Patents were necessary only when public disclosure had value. In the world
where the same things get developed almost simultaneously by different people
at different places and anything can be quickly reverse engineered the public
gets no value in return for granting monopoly through a patent.

------
vinceguidry
What I really liked about it is how it forces publishing companies to truly
make knowledge available for everyone. It's the direction music is going in
this country, where individual listens are essentially a free public resource
for anyone who pays a minuscule subscription fee.
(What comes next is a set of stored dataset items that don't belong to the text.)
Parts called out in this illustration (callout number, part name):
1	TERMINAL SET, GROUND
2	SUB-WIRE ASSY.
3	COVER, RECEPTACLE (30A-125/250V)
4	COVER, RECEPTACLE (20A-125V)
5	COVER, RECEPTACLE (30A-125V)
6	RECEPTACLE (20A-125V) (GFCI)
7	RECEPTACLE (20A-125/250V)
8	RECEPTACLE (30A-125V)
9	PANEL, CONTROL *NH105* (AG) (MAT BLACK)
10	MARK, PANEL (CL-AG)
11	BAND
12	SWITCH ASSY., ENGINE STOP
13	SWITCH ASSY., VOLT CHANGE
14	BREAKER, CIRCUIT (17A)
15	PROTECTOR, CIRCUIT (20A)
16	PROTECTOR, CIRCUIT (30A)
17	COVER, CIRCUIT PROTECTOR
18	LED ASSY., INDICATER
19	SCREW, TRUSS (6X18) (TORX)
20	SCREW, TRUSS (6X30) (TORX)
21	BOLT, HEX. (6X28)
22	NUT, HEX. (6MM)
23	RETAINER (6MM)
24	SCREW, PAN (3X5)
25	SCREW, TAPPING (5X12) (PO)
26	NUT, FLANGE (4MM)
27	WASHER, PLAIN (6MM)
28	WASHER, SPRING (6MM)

Books and movies seem to be retaining pricing power for some reason. I feel
like the ultimate reason behind this is that books and movies take a lot more
time and attention to consume.

I know for me, I would be _far_ more inclined to read and watch more of them
if it were easier to break them up into chunks. Give me a specialized movie
player that lets me pause and start movies by scene, make _individual_ books
and movies super cheap, sure, I don't mind paying cable-like fees for
something actually _useful_ and I'd watch movies a scene at a time by the
dozen. Give me a feed reader that mixes in book chapters, in order, with my
normal news feed.

Essentially, I don't want to waste time on crappy platforms. Just give me the
damn content in a way that makes sense for me to use it. I may get to the
point where my appetite for information is so voracious, I'll just mass pirate
stuff and upload it all into a personal database so I can chunk it myself.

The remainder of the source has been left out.